Spin-Torque Ferromagnetic Resonance in PMA Thin Film Structures

Thin film systems with strong perpendicular magnetic anisotropy (PMA) are important for many spintronic device applications. For example for magnetic memory, strong PMA can enable ultra-high density storage, in combination with enhanced non-volatility and low write energy. Recently, some interesting phenomena, including the spin Hall effect and spin orbit fields, have been reported in normal metal/ferromagnetic (NM/FM) structures with PMA. These effects, which arise from spin-orbit coupling in the structure, convert charge current into torques (a field-like torque and/or a damping-like torque) on the magnetization of the FM that can be strong enough to switch the magnetization, generate persistent magnetic oscillation, and efficiently move domain walls.

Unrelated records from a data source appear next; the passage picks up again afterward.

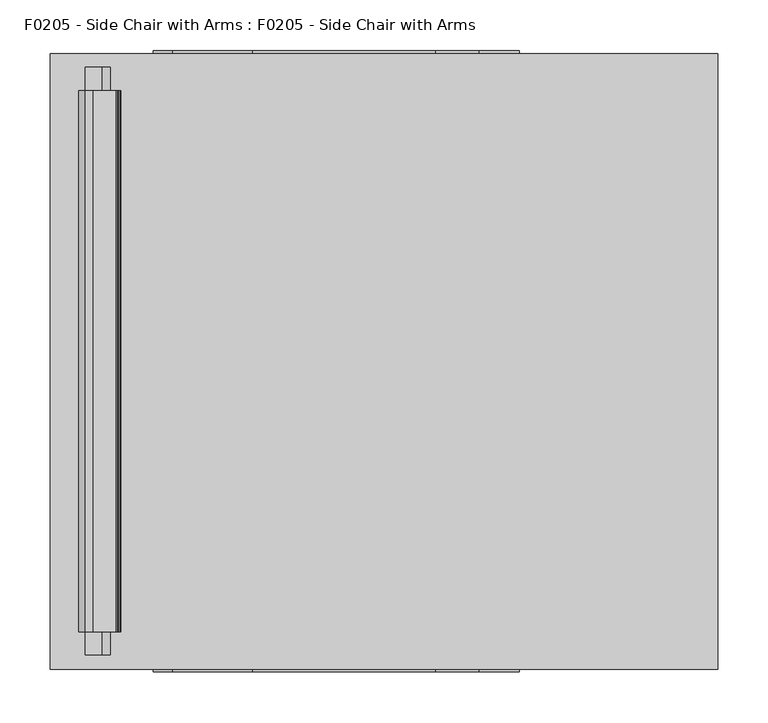
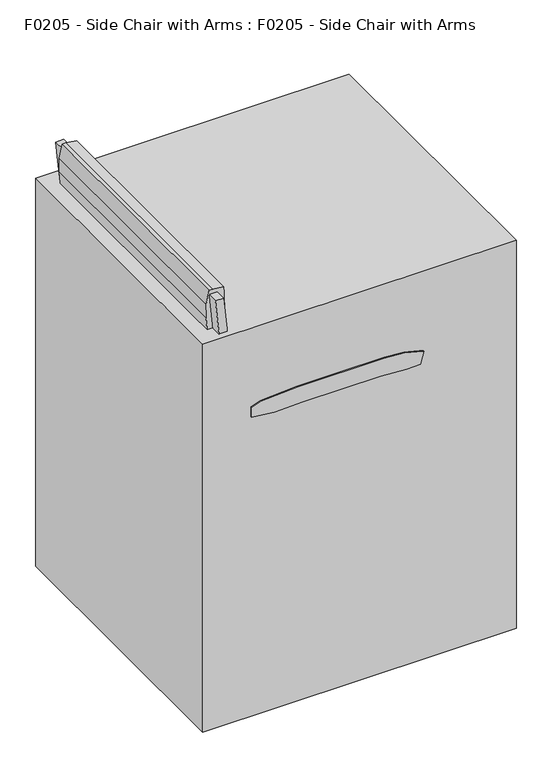
"""IFC4 building model written with IfcOpenShell, lengths in millimetres: proxy geometry, F0205 - Side Chair with Arms : F0205 - Side Chair with Arms."""

import ifcopenshell
import ifcopenshell.guid

model = None  # the IFC model being written
_history = None  # IfcOwnerHistory: only IFC2X3 demands one
_inside = {}  # id of a spatial element -> (the spatial element, [elements in it])
_under = {}  # id of a project, library or spatial element -> (it, [spatial elements below it])
_declared = {}  # id of a project -> (the project, [libraries it declares])
_typed = {}  # id of a type object -> (the type object, [elements of that type])
_made_of = {}  # id of a material, layer set ... -> (it, [elements and type objects made of it])


def new_model(schema):
    """Start an empty IFC model of exactly this schema.

    Asked for "IFC4X3", IfcOpenShell would pick the latest addendum, in which some entities
    have other attributes; the version numbers below select the first issue.
    IFC2X3 requires an IfcOwnerHistory on every rooted entity: one is made here for all.
    """
    global model, _history
    if schema == "IFC4X3":
        model = ifcopenshell.file(schema_version=(4, 3, 0, 0))
    else:
        model = ifcopenshell.file(schema=schema)
    _inside.clear()
    _under.clear()
    _declared.clear()
    _typed.clear()
    _made_of.clear()
    _history = None
    if model.schema == "IFC2X3":
        org = make("IfcOrganization", Name="unknown")
        user = make(
            "IfcPersonAndOrganization",
            ThePerson=make("IfcPerson", FamilyName="unknown"),
            TheOrganization=org,
        )
        app = make(
            "IfcApplication",
            ApplicationDeveloper=org,
            Version="unknown",
            ApplicationFullName="unknown",
            ApplicationIdentifier="unknown",
        )
        _history = make(
            "IfcOwnerHistory",
            OwningUser=user,
            OwningApplication=app,
            ChangeAction="ADDED",
            CreationDate=0,
        )
    return model


def make(cls, **values):
    """One entity of the class cls with the attributes given. An attribute that is None is left unset."""
    return model.create_entity(
        cls, **{name: value for name, value in values.items() if value is not None}
    )


def rooted(cls, **values):
    """An entity with a GlobalId (a new one), such as an element, a storey or a relation."""
    return make(cls, GlobalId=ifcopenshell.guid.new(), OwnerHistory=_history, **values)


def si_unit(unit_type, name, prefix=None):
    """IfcSIUnit, for example si_unit("LENGTHUNIT", "METRE", prefix="MILLI")."""
    return make("IfcSIUnit", UnitType=unit_type, Prefix=prefix, Name=name)


def assignment(units):
    """IfcUnitAssignment: the units of a project."""
    return None if units is None else make("IfcUnitAssignment", Units=units)


def point(xyz):
    """IfcCartesianPoint."""
    return None if xyz is None else make("IfcCartesianPoint", Coordinates=xyz)


def direction(xyz):
    """IfcDirection."""
    return None if xyz is None else make("IfcDirection", DirectionRatios=xyz)


def frame(location, z_axis=None, x_axis=None):
    """IfcAxis2Placement3D, a coordinate frame: its origin and axes. An axis left out is left unset."""
    return make(
        "IfcAxis2Placement3D",
        Location=point(location),
        Axis=direction(z_axis),
        RefDirection=direction(x_axis),
    )


def origin():
    """The frame at (0, 0, 0) with its axes left unset."""
    return frame((0.0, 0.0, 0.0))


def origin_with_axes():
    """The frame at (0, 0, 0) with the z axis (0, 0, 1) and the x axis (1, 0, 0) written out."""
    return frame((0.0, 0.0, 0.0), z_axis=(0.0, 0.0, 1.0), x_axis=(1.0, 0.0, 0.0))


def place(relative_to, where):
    """IfcLocalPlacement: puts the frame where relative to a parent placement (None: the world)."""
    return make(
        "IfcLocalPlacement", PlacementRelTo=relative_to, RelativePlacement=where
    )


def context(
    kind, dimensions, precision=None, world=None, true_north=None, identifier=None
):
    """IfcGeometricRepresentationContext, for example the 3D "Model" context."""
    return make(
        "IfcGeometricRepresentationContext",
        ContextIdentifier=identifier,
        ContextType=kind,
        CoordinateSpaceDimension=dimensions,
        Precision=precision,
        WorldCoordinateSystem=world,
        TrueNorth=true_north,
    )


def project(units=None, contexts=None):
    """IfcProject with its units and contexts."""
    return rooted(
        "IfcProject",
        Name="project",
        RepresentationContexts=contexts,
        UnitsInContext=assignment(units),
    )


def spatial(cls, under=None, at=None, **own):
    """A site, building, storey or space (cls), placed at a placement, below another one or the project."""
    s = rooted(cls, ObjectPlacement=at, **own)
    if under is not None:
        _under.setdefault(under.id(), (under, []))[1].append(s)
    return s


def polyline(points):
    """IfcPolyline through the points."""
    return make("IfcPolyline", Points=[point(p) for p in points])


def outline(outer, holes=None, kind="AREA"):
    """IfcArbitraryClosedProfileDef: a profile drawn as a closed curve; with holes, ...WithVoids."""
    if holes is None:
        return make("IfcArbitraryClosedProfileDef", ProfileType=kind, OuterCurve=outer)
    return make(
        "IfcArbitraryProfileDefWithVoids",
        ProfileType=kind,
        OuterCurve=outer,
        InnerCurves=holes,
    )


def extrude(swept, where, along, depth):
    """IfcExtrudedAreaSolid: the profile swept, set in the frame where, extruded along a direction by depth."""
    return make(
        "IfcExtrudedAreaSolid",
        SweptArea=swept,
        Position=where,
        ExtrudedDirection=direction(along),
        Depth=depth,
    )


def shape(context_of_items, identifier, shape_type, items):
    """IfcShapeRepresentation: the items that make up one representation, for example the "Body"."""
    return make(
        "IfcShapeRepresentation",
        ContextOfItems=context_of_items,
        RepresentationIdentifier=identifier,
        RepresentationType=shape_type,
        Items=items,
    )


def source(mapping_origin, context_of_items, identifier, shape_type, items):
    """IfcRepresentationMap: a shape defined once, which mapped items show again and again."""
    return make(
        "IfcRepresentationMap",
        MappingOrigin=mapping_origin,
        MappedRepresentation=shape(context_of_items, identifier, shape_type, items),
    )


def transform(
    local_origin,
    x_axis=None,
    y_axis=None,
    z_axis=None,
    scale=None,
    scale2=None,
    scale3=None,
    uniform=True,
):
    """IfcCartesianTransformationOperator3D, or its non-uniform kind. x_axis, y_axis, z_axis: its Axis1, 2, 3."""
    if uniform:
        return make(
            "IfcCartesianTransformationOperator3D",
            Axis1=direction(x_axis),
            Axis2=direction(y_axis),
            LocalOrigin=point(local_origin),
            Scale=scale,
            Axis3=direction(z_axis),
        )
    return make(
        "IfcCartesianTransformationOperator3DnonUniform",
        Axis1=direction(x_axis),
        Axis2=direction(y_axis),
        LocalOrigin=point(local_origin),
        Scale=scale,
        Axis3=direction(z_axis),
        Scale2=scale2,
        Scale3=scale3,
    )


def mapped(mapping_source, mapping_target):
    """IfcMappedItem: shows the shape of a source again, moved by a transform."""
    return make(
        "IfcMappedItem", MappingSource=mapping_source, MappingTarget=mapping_target
    )


def made_of(thing, what):
    """Note that an element or type object is made of a material, layer set ...; save() writes the relation."""
    if what is not None:
        _made_of.setdefault(what.id(), (what, []))[1].append(thing)
    return thing


def element(
    cls,
    number,
    at=None,
    inside=None,
    cuts=None,
    type_object=None,
    material=None,
    context=None,
    identifier="Body",
    shape_type=None,
    held_by="IfcProductDefinitionShape",
    body=None,
    shapes=None,
    **own,
):
    """One element of the class cls, such as IfcWall. Its Tag is "e" and its number.

    at: its placement. inside: the storey or other place that contains it. cuts: it is an
    opening in that element (IfcRelVoidsElement). A single representation is given by context,
    identifier, shape_type and body (its items); several are given by shapes. held_by: the class
    of the entity that holds the representations. save() writes the other relations.
    """
    e = rooted(cls, Tag="e%d" % number, ObjectPlacement=at, **own)
    if body is not None:
        shapes = [shape(context, identifier, shape_type, body)]
    if shapes is not None:
        e.Representation = make(held_by, Representations=shapes)
    if inside is not None:
        _inside.setdefault(inside.id(), (inside, []))[1].append(e)
    if cuts is not None:
        rooted(
            "IfcRelVoidsElement", RelatingBuildingElement=cuts, RelatedOpeningElement=e
        )
    if type_object is not None:
        _typed.setdefault(type_object.id(), (type_object, []))[1].append(e)
    return made_of(e, material)


def aggregate(whole, parts):
    """IfcRelAggregates: a whole, such as a stair, and the parts it consists of."""
    return rooted("IfcRelAggregates", RelatingObject=whole, RelatedObjects=parts)


def save(model, path):
    """Write the relations noted so far, then the file.

    IfcRelAggregates (storeys below a building ...), IfcRelContainedInSpatialStructure (elements
    in a storey), IfcRelDefinesByType, IfcRelAssociatesMaterial and IfcRelDeclares: one each for
    every whole, place, type object, material and project.
    """
    for whole, parts in _under.values():
        aggregate(whole, parts)
    for where, things in _inside.values():
        rooted(
            "IfcRelContainedInSpatialStructure",
            RelatedElements=things,
            RelatingStructure=where,
        )
    for kind, things in _typed.values():
        rooted("IfcRelDefinesByType", RelatedObjects=things, RelatingType=kind)
    for what, things in _made_of.values():
        rooted("IfcRelAssociatesMaterial", RelatedObjects=things, RelatingMaterial=what)
    for by, libraries in _declared.values():
        rooted("IfcRelDeclares", RelatingContext=by, RelatedDefinitions=libraries)
    model.write(path)


def f0205_side_chair_with_arms_f0205_side_chair_with_arms_598bf5c1(model_context):
    return source(origin(), model_context, "Body", "SweptSolid", [
        extrude(outline(polyline([(949.5558695, -288.1891828), (949.0276678, -295.7428189), (920.9464532, -302.0388283), (890.9596762, -302.364601), (766.4444592, -291.4709311), (712.0444312, -282.2922915), (699.4048634, -275.0755148), (701.6800869, -249.0695909), (734.5347731, -247.5019251), (744.2301544, -248.5209507), (775.1826091, -252.8120869), (831.1136295, -257.7054171), (872.5802588, -261.3332771), (887.0899422, -262.6027099), (935.3234911, -264.152458), (946.525946, -265.1325458), (949.5558695, -288.1891828)])), frame((0.0, -267.8488342, 0.0), z_axis=(0.0, 1.0, 0.0), x_axis=(0.0, 0.0, 1.0)), (0.0, 0.0, 1.0), 536.2041409),
        extrude(outline(polyline([(-256.4009052, 523.5214117), (-241.6696752, 524.0358376), (0.2532363, 511.5153378), (242.1729901, 524.0426254), (256.8914817, 523.5286444), (268.3553067, 472.7447876), (248.2006555, 466.9655344), (0.2531025, 454.1861401), (-247.7015659, 466.8926254), (-267.8488342, 472.7447876), (-256.4009052, 523.5214117)])), frame((-276.0175852, 0.0, 0.0), z_axis=(1.0, 0.0, 0.0), x_axis=(0.0, 1.0, 0.0)), (0.0, 0.0, 1.0), 448.6997704),
        extrude(outline(polyline([(688.7736743, -228.6), (667.1445431, -228.6), (661.9341602, -181.3714246), (664.006805, -120.3965081), (664.006805, 42.1384065), (660.8978378, 96.9044584), (660.8978378, 126.6899316), (687.4154537, 134.0660802), (697.5043243, 94.4420938), (700.8875965, 51.2519248), (700.8875965, -129.7992697), (695.7892437, -209.3248816), (688.7736743, -228.6)])), frame((0.0, -307.5947608, 0.0), z_axis=(0.0, 1.0, 0.0), x_axis=(0.0, 0.0, 1.0)), (0.0, 0.0, 1.0), 60.4113562),
        extrude(outline(polyline([(688.7736743, -228.6), (667.1445431, -228.6), (661.9341602, -181.3714246), (664.006805, -120.3965081), (664.006805, 42.1384065), (667.1445431, -13.1344595), (667.1445431, 128.4275172), (687.4154537, 134.0660802), (697.5043243, 94.4420938), (700.8875965, 51.2519248), (700.8875965, -129.7992697), (695.7892437, -209.3248816), (688.7736743, -228.6)])), frame((0.0, 248.2080384, 0.0), z_axis=(0.0, 1.0, 0.0), x_axis=(0.0, 0.0, 1.0)), (0.0, 0.0, 1.0), 59.893195),
        extrude(outline(polyline([(504.8449262, 147.1860068), (504.8449262, -258.5366203), (479.5415809, -260.4830005), (479.5415809, 149.3997627), (504.8449262, 147.1860068)])), frame((0.0, -290.8917348, 0.0), z_axis=(0.0, 1.0, 0.0), x_axis=(0.0, 0.0, 1.0)), (0.0, 0.0, 1.0), 25.4),
        extrude(outline(polyline([(504.8449262, 147.1860068), (504.8449262, -258.5366203), (479.5415809, -260.4830005), (479.5415809, 149.3997627), (504.8449262, 147.1860068)])), frame((0.0, 264.3929274, 0.0), z_axis=(0.0, 1.0, 0.0), x_axis=(0.0, 0.0, 1.0)), (0.0, 0.0, 1.0), 25.4),
        extrude(outline(polyline([(0.0, -297.370228), (642.1831371, -247.9723105), (642.1831371, 101.2776895), (617.1504769, 126.3103497), (505.0230984, 147.1704188), (0.0, 191.3542147), (0.0, 215.7503897), (505.0203406, 172.091969), (627.5762276, 149.2917903), (667.1445431, 107.5467505), (667.1445431, -250.1263819), (940.2581485, -278.8317785), (940.2581485, -295.7126518), (642.1831371, -266.7616436), (0.0, -322.770228), (0.0, -297.370228)])), frame((0.0, -290.8917348, 0.0), z_axis=(0.0, 1.0, 0.0), x_axis=(0.0, 0.0, 1.0)), (0.0, 0.0, 1.0), 26.9964161),
        extrude(outline(polyline([(0.0, -297.370228), (642.1831371, -247.9723105), (642.1831371, 101.2776895), (617.1504769, 126.3103497), (505.0230984, 147.1704188), (0.0, 191.3542147), (0.0, 215.7503897), (505.0203406, 172.091969), (627.5762276, 149.2917903), (667.1445431, 107.5467505), (667.1445431, -250.1263819), (940.2581485, -278.8317785), (940.2581485, -295.7126518), (642.1831371, -266.7616436), (0.0, -322.770228), (0.0, -297.370228)])), frame((0.0, 264.3929274, 0.0), z_axis=(0.0, 1.0, 0.0), x_axis=(0.0, 0.0, 1.0)), (0.0, 0.0, 1.0), 26.9964161),
        extrude(outline(polyline([(330.2, 304.8), (330.2, -304.8), (-330.2, -304.8), (-330.2, 304.8), (330.2, 304.8)])), origin_with_axes(), (0.0, 0.0, 1.0), 863.6),
    ])


if __name__ == "__main__":
    model = new_model("IFC4")
    model_context = context("Model", 3, world=origin())
    ifc_project = project(units=[si_unit("LENGTHUNIT", "METRE", prefix="MILLI")], contexts=[model_context])
    site = spatial("IfcSite", under=ifc_project)
    building = spatial("IfcBuilding", under=site)
    placement = place(None, origin())
    f0205_side_chair_with_arms_f0205_side_chair_with_arms_shape = f0205_side_chair_with_arms_f0205_side_chair_with_arms_598bf5c1(model_context)
    element("IfcBuildingElementProxy", 1, Name="F0205 - Side Chair with Arms : F0205 - Side Chair with Arms", ObjectType="F0205 - Side Chair with Arms : F0205 - Side Chair with Arms", at=placement, inside=building, context=model_context, shape_type="MappedRepresentation", body=[
        mapped(f0205_side_chair_with_arms_f0205_side_chair_with_arms_shape, transform((0.0, 0.0, 0.0), x_axis=(1.0, 0.0, 0.0), y_axis=(0.0, 1.0, 0.0), z_axis=(0.0, 0.0, 1.0))),
    ])
    save(model, "model.ifc")

# Revit data of these elements
# Project information
#   Sheets - Total = "6"
#   Project Issue Date = "Issue Date"
#   Project Status = "Project Status"
#   Client Name = "Owner"
#   Project Address = "Enter address here"
#   Project Name = "Project Name"
#   Project Number = "Project Number"
#   Publication Date = "30-Jan-15"
# Type "F0205 - Side Chair with Arms : F0205 - Side Chair with Arms"
#   Watts2 = "0"
#   Watts1 = "0"
#   Unit_Issue = "EA"
#   UTIL_6_Misc = "-"
#   UTIL_5_NonMedGas = "-"
#   UTIL_4_MiscGas = "-"
#   UTIL_3_MedGas = "-"
#   UTIL_2_Elec = "-"
#   UTIL_1_WaterDrain = "-"
#   Nomenclature = "Chair, Side With Arms"
#   NSN = "7110"
#   Location [instance default] = ""
#   JSN = "F0205"
#   Fund_Source_VA = "-"
#   Fund_Source_Navy = "-"
#   Fund_Source_Army = "-"
#   Fund_Source_AF = "-"
#   ELEC_Volts2 = "0"
#   ELEC_Volts1 = "0"
#   ELEC_Phase2 = "0"
#   ELEC_Phase1 = "0"
#   ELEC_HertzSwitch = "0"
#   ELEC_HertzDependent = "0"
#   ELEC_Hertz = "0"
#   ELEC_Amps2 = "0"
#   ELEC_Amps1 = "0"
#   DetailDescription = "Upholstered side chair, 32\" high X 21\" wide X 23\" deep with arms, padded seats and padded backs. Seat height is a minimum of 17\".  Available with or without sled base."
#   CAT_VA = "C"
#   CAT_Navy = "C"
#   CAT_IHS = "-"
#   CAT_Army = "C"
#   CAT_AF = "C"
#   BTUperhour = "0"
#   Weight_IP = 42
#   DIM_Width_IP = 2' - 0"
#   DIM_Height_IP = 2' - 10"
#   DIM_Depth_IP = 2' - 2"
#   Assembly Code = ""
# Element 1 (IfcBuildingElementProxy, "F0205 - Side Chair with Arms : F0205 - Side Chair with Arms")
#   Location = "OPTM1"
#   Materials on its faces: "ChairFabric", "EquipSpace"
# Materials
#   "ChairFabric": class "Unassigned", colour RGB 188 173 117, transparency 0
#   "EquipSpace": class "Unassigned", colour RGB 221 217 195, transparency 0.5

Here we show that spin-torque ferromagnetic resonance (ST-FMR) can be effectively employed to characterize the anisotropy, the spin-orbit torques, and the magnetic damping of a PMA structure. We will report on ST-FMR results from several PMA systems, including W/Hf(t)/CoFeB/MgO and W/CoFeB where we have found large values for both the first order and second order terms of the magnetic anisotropy and where we have measured intrinsic and extrinsic contributions to the effective magnetic damping.